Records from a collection

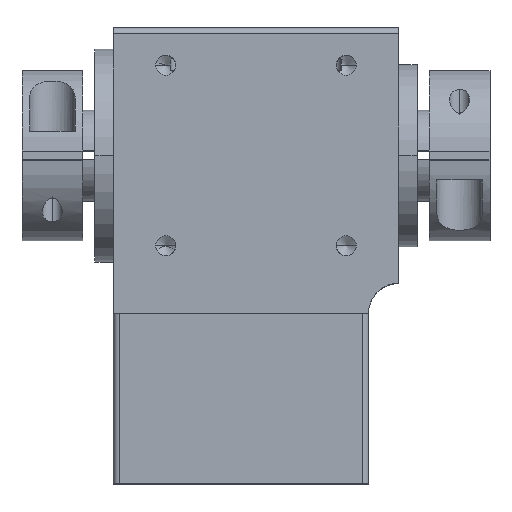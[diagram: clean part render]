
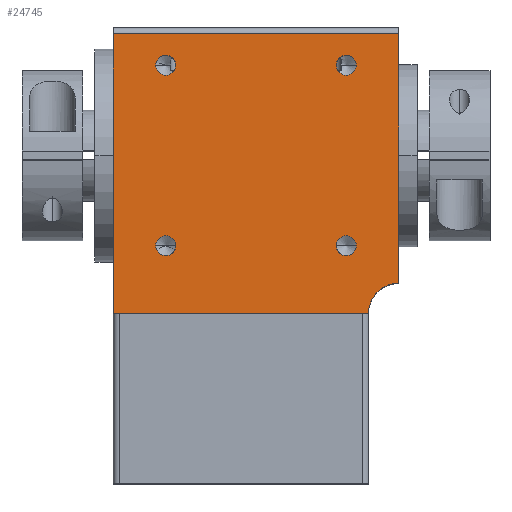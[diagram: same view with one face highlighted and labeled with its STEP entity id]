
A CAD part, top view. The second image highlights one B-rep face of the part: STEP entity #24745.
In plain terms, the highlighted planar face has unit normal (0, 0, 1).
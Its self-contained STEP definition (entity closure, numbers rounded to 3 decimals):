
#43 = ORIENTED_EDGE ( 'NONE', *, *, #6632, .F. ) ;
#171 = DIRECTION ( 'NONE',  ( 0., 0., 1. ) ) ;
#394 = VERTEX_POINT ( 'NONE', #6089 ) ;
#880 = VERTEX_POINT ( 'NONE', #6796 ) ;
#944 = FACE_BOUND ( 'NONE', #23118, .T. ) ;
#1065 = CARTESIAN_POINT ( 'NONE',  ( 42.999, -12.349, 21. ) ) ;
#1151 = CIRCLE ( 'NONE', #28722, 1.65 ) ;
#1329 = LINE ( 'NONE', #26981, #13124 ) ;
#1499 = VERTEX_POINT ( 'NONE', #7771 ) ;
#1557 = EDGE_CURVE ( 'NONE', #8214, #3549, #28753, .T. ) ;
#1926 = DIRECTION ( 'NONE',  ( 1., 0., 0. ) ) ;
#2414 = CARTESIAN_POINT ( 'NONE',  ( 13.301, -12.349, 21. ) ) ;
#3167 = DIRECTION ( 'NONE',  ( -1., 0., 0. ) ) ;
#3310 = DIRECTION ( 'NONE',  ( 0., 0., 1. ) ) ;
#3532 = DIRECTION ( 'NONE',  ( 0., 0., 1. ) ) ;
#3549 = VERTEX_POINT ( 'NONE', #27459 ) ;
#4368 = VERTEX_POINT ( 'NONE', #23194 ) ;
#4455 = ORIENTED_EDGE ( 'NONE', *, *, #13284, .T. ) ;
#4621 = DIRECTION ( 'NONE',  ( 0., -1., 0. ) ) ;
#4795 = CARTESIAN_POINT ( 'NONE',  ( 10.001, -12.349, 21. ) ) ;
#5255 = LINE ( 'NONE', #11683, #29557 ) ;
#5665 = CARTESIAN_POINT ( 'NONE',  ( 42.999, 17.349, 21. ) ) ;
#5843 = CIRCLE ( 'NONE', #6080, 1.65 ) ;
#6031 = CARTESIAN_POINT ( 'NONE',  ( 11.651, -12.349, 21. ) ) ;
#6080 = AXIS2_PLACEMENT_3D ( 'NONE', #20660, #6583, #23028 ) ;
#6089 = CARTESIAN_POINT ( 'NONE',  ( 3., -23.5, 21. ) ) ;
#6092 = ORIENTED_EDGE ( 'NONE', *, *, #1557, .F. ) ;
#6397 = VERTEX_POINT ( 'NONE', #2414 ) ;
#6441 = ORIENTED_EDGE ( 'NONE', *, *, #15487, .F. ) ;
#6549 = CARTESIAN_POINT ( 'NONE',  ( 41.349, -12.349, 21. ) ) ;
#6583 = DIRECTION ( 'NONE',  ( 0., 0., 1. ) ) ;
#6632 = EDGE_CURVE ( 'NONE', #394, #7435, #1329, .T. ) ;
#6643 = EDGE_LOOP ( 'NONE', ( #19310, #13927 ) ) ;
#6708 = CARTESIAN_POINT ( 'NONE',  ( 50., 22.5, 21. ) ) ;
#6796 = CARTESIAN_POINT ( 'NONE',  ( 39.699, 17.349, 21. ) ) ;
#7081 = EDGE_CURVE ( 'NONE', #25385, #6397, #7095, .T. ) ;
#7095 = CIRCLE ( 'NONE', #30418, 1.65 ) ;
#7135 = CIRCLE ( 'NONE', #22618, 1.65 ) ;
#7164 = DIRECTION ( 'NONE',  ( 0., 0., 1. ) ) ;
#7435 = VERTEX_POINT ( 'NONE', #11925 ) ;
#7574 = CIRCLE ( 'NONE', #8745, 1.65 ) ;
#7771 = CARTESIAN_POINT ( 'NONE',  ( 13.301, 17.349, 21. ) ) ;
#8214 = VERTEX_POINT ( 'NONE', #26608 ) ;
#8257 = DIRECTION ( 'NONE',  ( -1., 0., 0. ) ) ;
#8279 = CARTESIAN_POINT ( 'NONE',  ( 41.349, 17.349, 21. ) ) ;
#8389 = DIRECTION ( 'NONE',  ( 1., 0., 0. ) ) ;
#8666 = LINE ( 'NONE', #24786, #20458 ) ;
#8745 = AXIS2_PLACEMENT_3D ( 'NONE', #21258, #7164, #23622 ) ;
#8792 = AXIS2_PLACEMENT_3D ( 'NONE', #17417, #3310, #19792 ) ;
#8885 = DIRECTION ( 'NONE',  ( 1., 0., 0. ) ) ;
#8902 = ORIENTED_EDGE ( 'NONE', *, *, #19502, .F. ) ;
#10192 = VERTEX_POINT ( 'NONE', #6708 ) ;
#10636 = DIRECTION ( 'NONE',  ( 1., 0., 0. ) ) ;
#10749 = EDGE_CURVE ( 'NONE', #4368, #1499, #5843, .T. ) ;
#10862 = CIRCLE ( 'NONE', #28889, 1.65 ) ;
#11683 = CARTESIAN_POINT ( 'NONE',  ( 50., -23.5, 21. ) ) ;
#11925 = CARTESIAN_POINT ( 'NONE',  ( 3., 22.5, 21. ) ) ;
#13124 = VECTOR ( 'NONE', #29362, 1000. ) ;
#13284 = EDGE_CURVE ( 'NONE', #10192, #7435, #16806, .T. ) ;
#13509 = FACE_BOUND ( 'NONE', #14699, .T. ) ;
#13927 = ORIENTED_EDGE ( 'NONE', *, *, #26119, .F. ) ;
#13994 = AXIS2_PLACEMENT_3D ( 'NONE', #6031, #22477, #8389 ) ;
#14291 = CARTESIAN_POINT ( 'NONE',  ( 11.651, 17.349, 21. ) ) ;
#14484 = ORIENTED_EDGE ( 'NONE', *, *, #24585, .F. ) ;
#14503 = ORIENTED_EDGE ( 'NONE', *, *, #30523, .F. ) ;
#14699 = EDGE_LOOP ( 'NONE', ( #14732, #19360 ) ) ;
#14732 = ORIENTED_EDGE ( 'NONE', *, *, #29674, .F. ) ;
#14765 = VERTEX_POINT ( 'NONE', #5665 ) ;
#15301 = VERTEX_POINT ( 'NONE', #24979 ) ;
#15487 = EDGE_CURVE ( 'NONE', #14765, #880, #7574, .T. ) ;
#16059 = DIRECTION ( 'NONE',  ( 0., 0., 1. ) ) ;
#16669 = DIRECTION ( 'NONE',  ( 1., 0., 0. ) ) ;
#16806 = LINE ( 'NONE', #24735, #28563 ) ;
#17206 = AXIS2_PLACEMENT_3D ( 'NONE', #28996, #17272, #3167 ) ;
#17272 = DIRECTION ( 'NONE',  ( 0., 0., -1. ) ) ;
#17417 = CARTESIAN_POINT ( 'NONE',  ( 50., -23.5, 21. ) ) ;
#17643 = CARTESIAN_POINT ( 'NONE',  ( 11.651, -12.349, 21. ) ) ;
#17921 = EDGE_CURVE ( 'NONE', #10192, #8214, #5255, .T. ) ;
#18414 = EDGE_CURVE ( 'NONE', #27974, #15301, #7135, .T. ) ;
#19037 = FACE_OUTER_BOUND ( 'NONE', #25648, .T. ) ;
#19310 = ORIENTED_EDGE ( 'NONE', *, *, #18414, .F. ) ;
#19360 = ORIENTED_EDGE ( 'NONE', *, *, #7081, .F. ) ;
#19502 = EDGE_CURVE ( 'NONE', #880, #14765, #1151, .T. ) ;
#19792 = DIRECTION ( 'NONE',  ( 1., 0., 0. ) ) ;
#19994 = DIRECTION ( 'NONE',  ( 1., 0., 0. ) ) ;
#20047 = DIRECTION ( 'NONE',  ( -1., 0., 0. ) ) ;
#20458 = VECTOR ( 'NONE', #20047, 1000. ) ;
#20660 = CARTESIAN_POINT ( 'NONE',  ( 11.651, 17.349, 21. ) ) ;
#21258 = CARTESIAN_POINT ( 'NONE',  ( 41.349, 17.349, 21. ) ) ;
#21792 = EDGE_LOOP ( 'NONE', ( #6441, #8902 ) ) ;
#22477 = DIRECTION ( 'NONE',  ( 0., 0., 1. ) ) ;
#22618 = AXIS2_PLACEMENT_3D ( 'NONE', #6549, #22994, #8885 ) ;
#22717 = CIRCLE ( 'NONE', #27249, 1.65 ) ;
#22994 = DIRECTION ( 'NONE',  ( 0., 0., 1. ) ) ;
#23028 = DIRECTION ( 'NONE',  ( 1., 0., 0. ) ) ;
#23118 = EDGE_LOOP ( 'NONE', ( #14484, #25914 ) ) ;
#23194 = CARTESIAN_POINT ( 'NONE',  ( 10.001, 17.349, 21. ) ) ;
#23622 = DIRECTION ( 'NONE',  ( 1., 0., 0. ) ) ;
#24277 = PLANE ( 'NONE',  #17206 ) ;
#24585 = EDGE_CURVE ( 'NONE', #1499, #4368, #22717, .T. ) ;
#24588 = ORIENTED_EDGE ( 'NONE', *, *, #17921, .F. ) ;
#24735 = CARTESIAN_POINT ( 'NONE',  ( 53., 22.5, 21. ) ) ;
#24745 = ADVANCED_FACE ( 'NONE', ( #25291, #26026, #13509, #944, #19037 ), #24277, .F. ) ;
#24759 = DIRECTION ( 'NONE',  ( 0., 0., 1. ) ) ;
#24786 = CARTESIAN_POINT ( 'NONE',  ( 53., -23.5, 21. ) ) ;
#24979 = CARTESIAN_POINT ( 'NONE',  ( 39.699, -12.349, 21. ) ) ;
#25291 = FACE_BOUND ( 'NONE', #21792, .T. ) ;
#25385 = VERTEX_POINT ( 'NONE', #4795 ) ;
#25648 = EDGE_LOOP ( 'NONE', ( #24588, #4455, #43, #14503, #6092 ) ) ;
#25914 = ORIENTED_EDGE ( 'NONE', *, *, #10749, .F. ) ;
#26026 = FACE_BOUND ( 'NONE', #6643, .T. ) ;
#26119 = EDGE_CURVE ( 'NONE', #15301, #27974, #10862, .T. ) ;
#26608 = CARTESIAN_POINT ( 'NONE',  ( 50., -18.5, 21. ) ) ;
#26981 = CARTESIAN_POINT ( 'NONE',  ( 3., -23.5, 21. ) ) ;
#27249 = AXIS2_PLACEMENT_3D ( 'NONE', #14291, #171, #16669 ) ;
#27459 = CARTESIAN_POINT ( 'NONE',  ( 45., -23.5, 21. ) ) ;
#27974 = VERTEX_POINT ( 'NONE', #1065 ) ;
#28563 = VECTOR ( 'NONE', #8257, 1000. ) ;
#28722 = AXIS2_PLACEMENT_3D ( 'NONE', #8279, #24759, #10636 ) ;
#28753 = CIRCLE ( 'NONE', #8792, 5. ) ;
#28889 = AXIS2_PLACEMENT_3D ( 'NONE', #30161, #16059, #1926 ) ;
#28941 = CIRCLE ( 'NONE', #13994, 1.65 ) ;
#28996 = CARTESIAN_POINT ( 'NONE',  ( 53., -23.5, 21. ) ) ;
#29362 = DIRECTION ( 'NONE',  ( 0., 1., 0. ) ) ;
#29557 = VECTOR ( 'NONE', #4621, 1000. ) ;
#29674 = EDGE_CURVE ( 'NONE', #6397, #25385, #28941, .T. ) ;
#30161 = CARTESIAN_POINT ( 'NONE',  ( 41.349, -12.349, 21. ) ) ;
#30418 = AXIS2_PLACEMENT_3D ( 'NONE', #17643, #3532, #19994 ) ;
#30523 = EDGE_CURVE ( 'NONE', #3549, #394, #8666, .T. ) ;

TRY IT — The answer must consist of every line from the data that holds the string "CIRCLE".

EXPECTED ANSWER —
#1151 = CIRCLE ( 'NONE', #28722, 1.65 ) ;
#5843 = CIRCLE ( 'NONE', #6080, 1.65 ) ;
#7095 = CIRCLE ( 'NONE', #30418, 1.65 ) ;
#7135 = CIRCLE ( 'NONE', #22618, 1.65 ) ;
#7574 = CIRCLE ( 'NONE', #8745, 1.65 ) ;
#10862 = CIRCLE ( 'NONE', #28889, 1.65 ) ;
#22717 = CIRCLE ( 'NONE', #27249, 1.65 ) ;
#28753 = CIRCLE ( 'NONE', #8792, 5. ) ;
#28941 = CIRCLE ( 'NONE', #13994, 1.65 ) ;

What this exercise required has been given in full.